The old motor could of been a Wye Delta start. They can switch rotation between different modes. 

You would need to show us the motor tag for us to be able to tell.


----------



## gpop (May 14, 2018)

electricians are lazy so we did not run 6 wires for the fun of it. 

A picture of the control cabinet showing where the 6 wires are landed would be real helpful.


----------



## micromind (Aug 11, 2007)

If there are 6 leads from the starter to the motor then it is most likely either a Y - ∆ starter or a 2 speed motor. 

In either case, starring 2 leads at the line side of the starter will make it go the other way.


----------



## 460 Delta (May 9, 2018)

micromind said:


> If there are 6 leads from the starter to the motor then it is most likely either a Y - ∆ starter or a 2 speed motor.
> 
> In either case, starring 2 leads at the line side of the starter will make it go the other way.

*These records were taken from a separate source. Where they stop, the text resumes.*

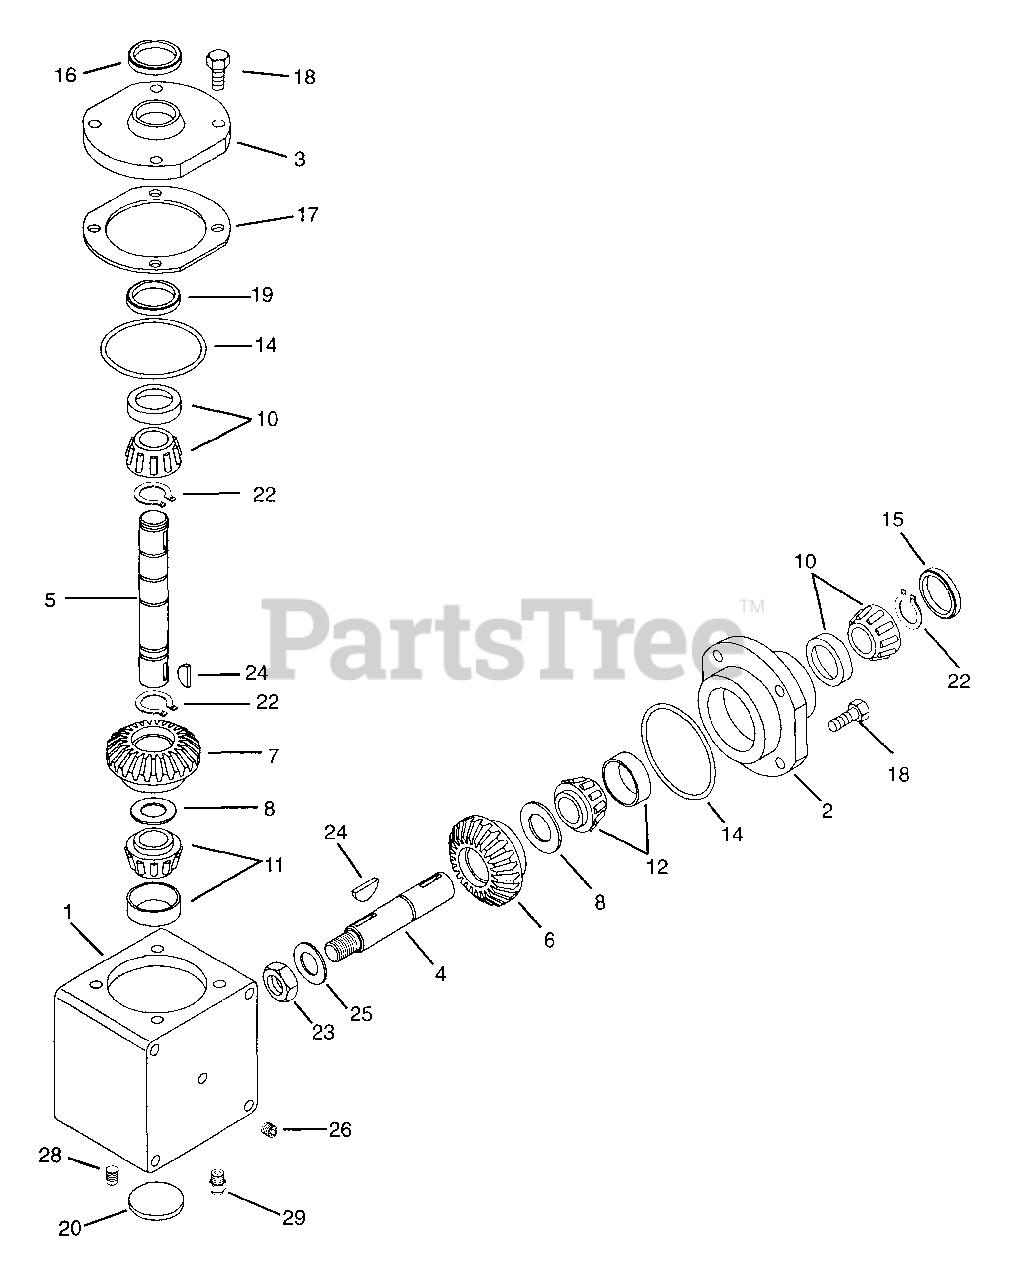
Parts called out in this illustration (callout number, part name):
1	Housing, Right Angle Drive
2	Cap, Retainer
3	Cap, Retainer
4	Shaft, Input (5.38" long)
5	Shaft, Output (7.89" long)
6	Gear, Spiral Bevel (25 teeth)
7	Gear, Spiral Bevel (26 teeth)
8	Shim (1-1/2" O.D. x 1-1/64" I.D. x .002 thick)
9	Shim (2.000" O.D. x 1.531" I.D. x .002 thick)
10	Bearing & Cup Assy.
11	Bearing & Cup Assy.
12	Bearing & Cup Assy.
14	"O" Ring
15	Seal, Oil
16	Seal, Oil
17	Shim, Cap Retainer
18	Screw, Hex, Head .31-18 x 1
19	Ring Load
22	Ring, Retaining
23	Jam Nut, 3/4-16
24	Key, Woodruff
25	Washer, Flat 1
26	Plug, Pipe, .25-18
28	Plug, Pipe, .12-27
29	Valve, Relief

Or possibly a part winding/split start motor. An asphalt plant I worked at had every motor but two that was split started. All were timed with AB pneumatic timers running AB 709 2 OL starters. 

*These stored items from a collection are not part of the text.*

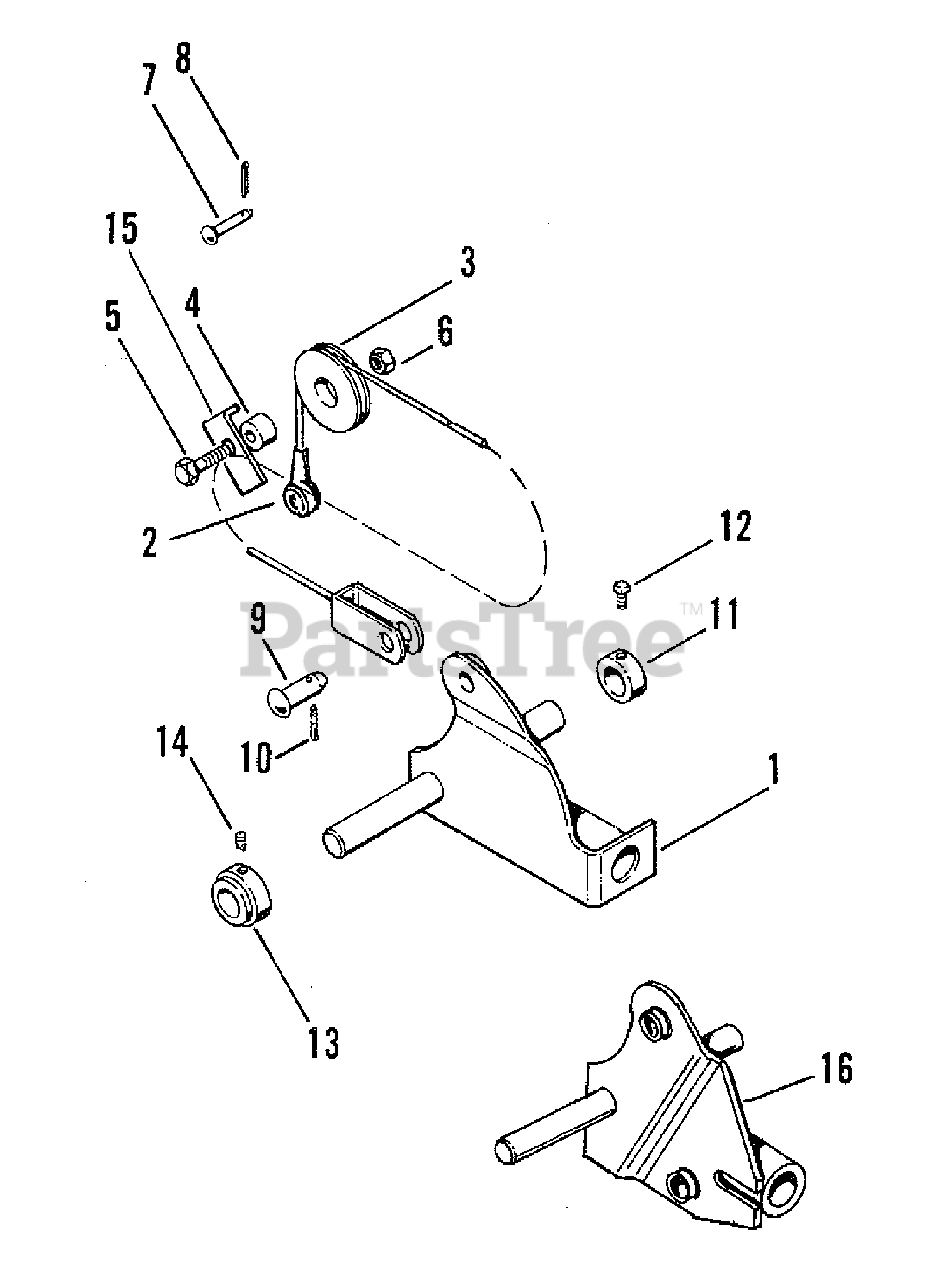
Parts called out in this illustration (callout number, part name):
1	LIFT LEVER ASSEMBLY (929 Only)
2	LIFT CABLE ASSEMBLY
5	HEX CAPSCREW, 3/8"-16 x 1-1/4" Lg.
6	HEX JAM NUT, 3/8"-16
7	PIN
8	COTTER PIN, 3/32 x 7/8" Lg
10	COTTER PIN, 1/8 x 1" Lg.
11	SET COLLAR
12	SET SCREW, 5/16-18 x 3/8" Lg.
14	SET SCREW
15	CABLE GUARD (Mfg. No. 984 Only)
16	LIFT LEVER ASSEMBLY (Mfg. No. 984 Only)
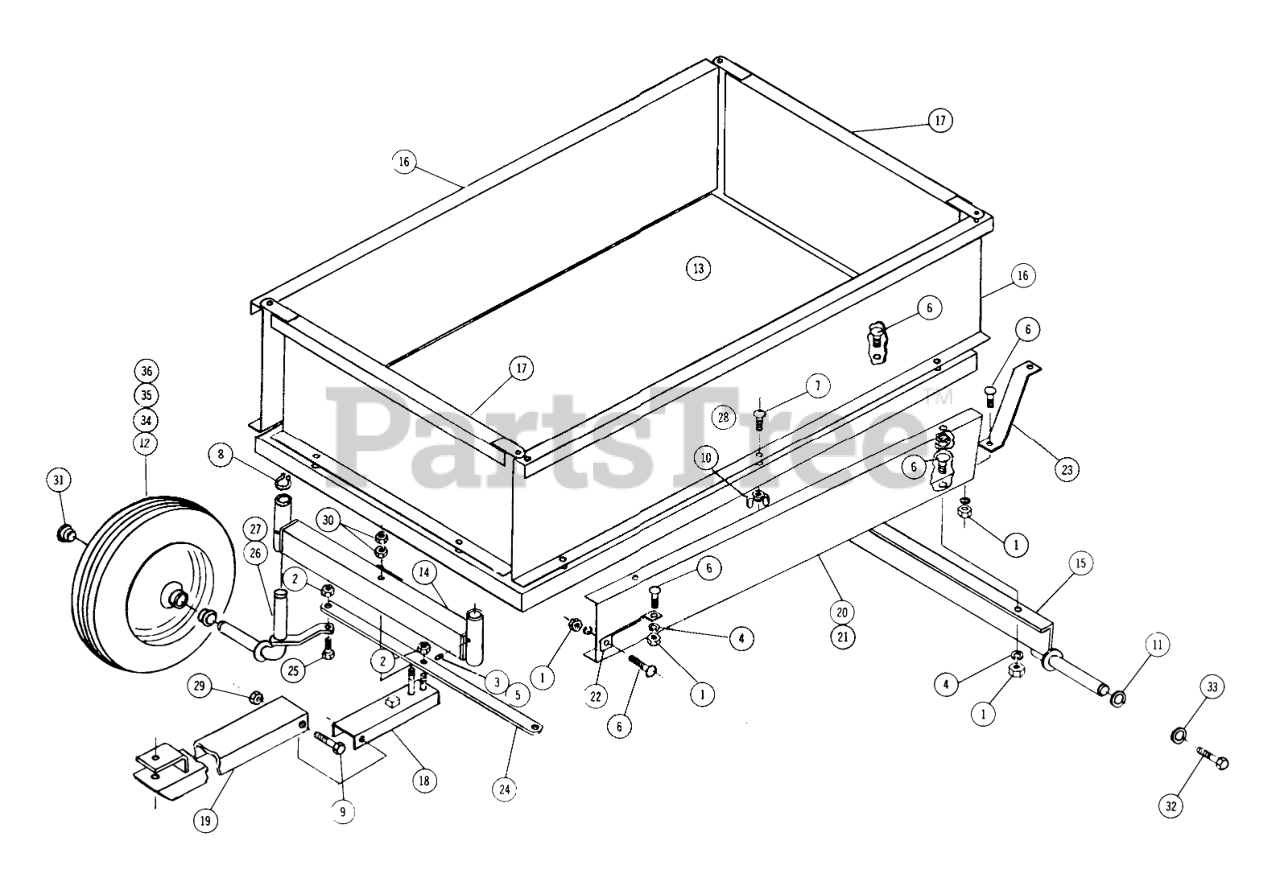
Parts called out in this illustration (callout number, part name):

Back to the OP, a picture of the original motor tag is needed.


----------



## micromind (Aug 11, 2007)

460 Delta said:


> Or possibly a part winding/split start motor. An asphalt plant I worked at had every motor but two that was split started. All were timed with AB pneumatic timers running AB 709 2 OL starters.
> 
> Back to the OP, a picture of the original motor tag is needed.


Forgot about that one.....part-winding start.


----------



## Almost Retired (Sep 14, 2021)

micromind said:


> If there are 6 leads from the starter to the motor then it is most likely either a Y - ∆ starter or a 2 speed motor.
> 
> In either case, starring 2 leads at the line side of the starter will make it go the other way.

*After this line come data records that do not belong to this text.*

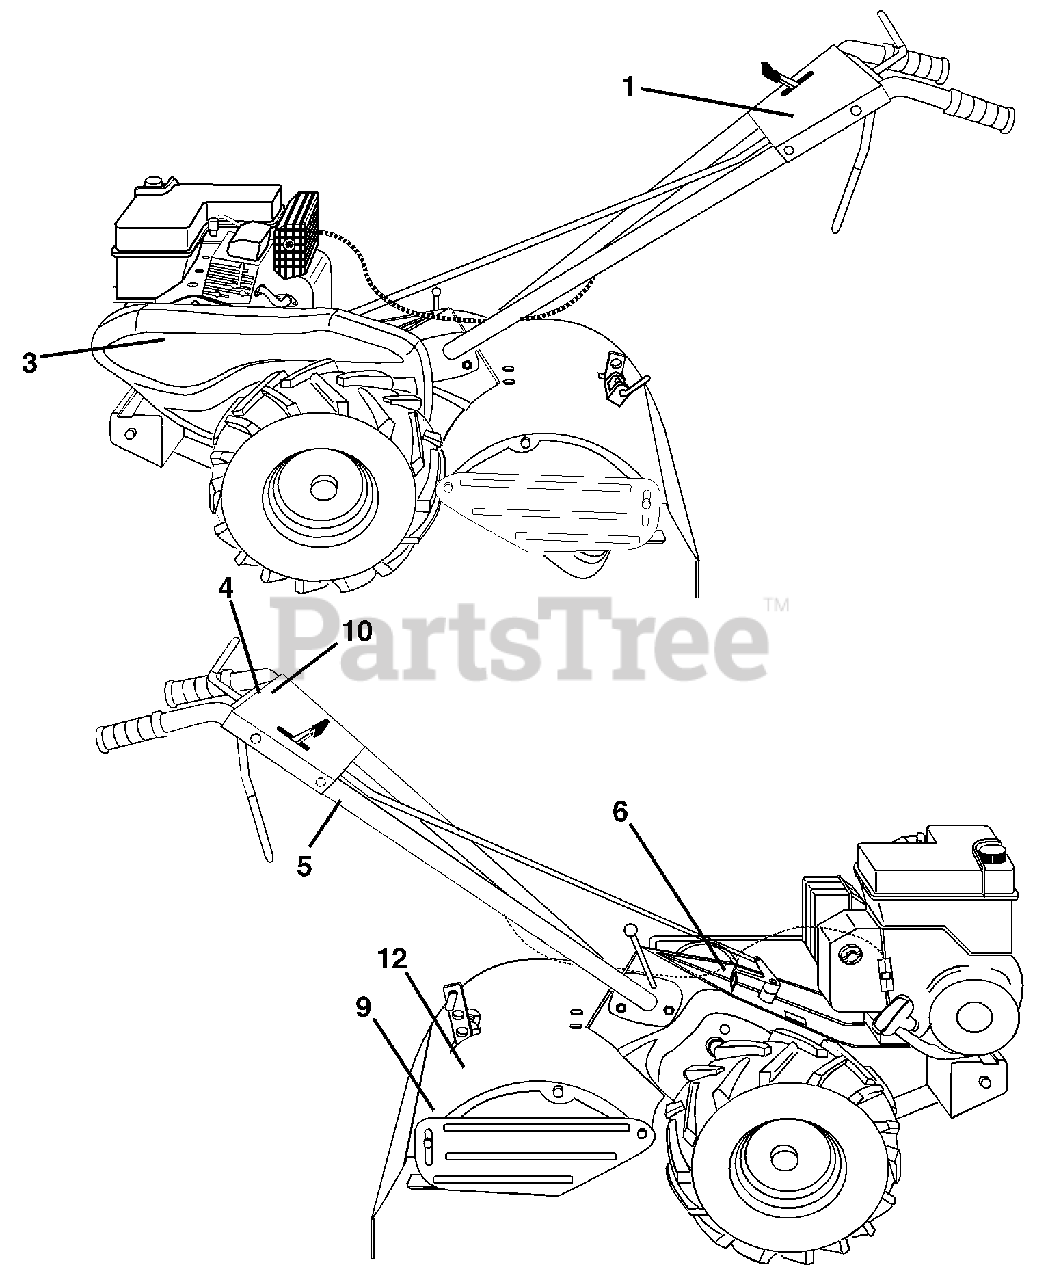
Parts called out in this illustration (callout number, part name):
1	Decal, Logo
3	Decal, Logo
4	Decal, Instruction, Tilling
5	Decal, Hand Placement
6	Decal, Shift Indicator
9	Decal, Warning, Rotating Tines
10	Deal, Reverse
12	Decal, Tine Shield Wrng Dom

im with ^him. 2 speed, or y/d start, and possibly also reversing. Your biggest clue, read the original motor tag very carefully, if the new tag doesnt match it, .... wrong motor


----------



## Almost Retired (Sep 14, 2021)

Almost Retired said:


> im with ^him. 2 speed, or y/d start, and possibly also reversing. Your biggest clue, read the original motor tag very carefully, if the new tag doesnt match it, .... wrong motor
> 
> also have you checked to see if more than one contactor and a timer is involved in starting? dead giveaway for y/d start
> 
> ...


----------



## Almost Retired (Sep 14, 2021)

@micromind you arent the first one iv seen use it, but you are the one im going to ask ...... How do you make that Delta symbol ?????


----------



## splatz (May 23, 2015)

gpop said:


> A picture of the control cabinet showing where the 6 wires are landed would be real helpful.


That's what I am wondering, how is the motor reversed, look at the starter, and ring out those six wires, see what leg is on what wire in F and R.



gpop said:


> electricians are lazy so we did not run 6 wires for the fun of it.


But they might have run six wires because they didn't think of a way to jumper things at the starter and do it with four until someone already ran the six...


----------



## emtnut (Mar 1, 2015)

Almost Retired said:


> @micromind you arent the first one iv seen use it, but you are the one im going to ask ...... How do you make that Delta symbol ?????


alt + j

∆


----------



## oldsparky52 (Feb 25, 2020)

Alt Codes List of Alt Key Codes Symbols







www.alt-codes.net






But, ... I didn't see the code for "Delta"

And alt + J did not work for me, anyone know why?


----------



## Quickservice (Apr 23, 2020)

Almost Retired said:


> @micromind you arent the first one iv seen use it, but you are the one im going to ask ...... How do you make that Delta symbol ?????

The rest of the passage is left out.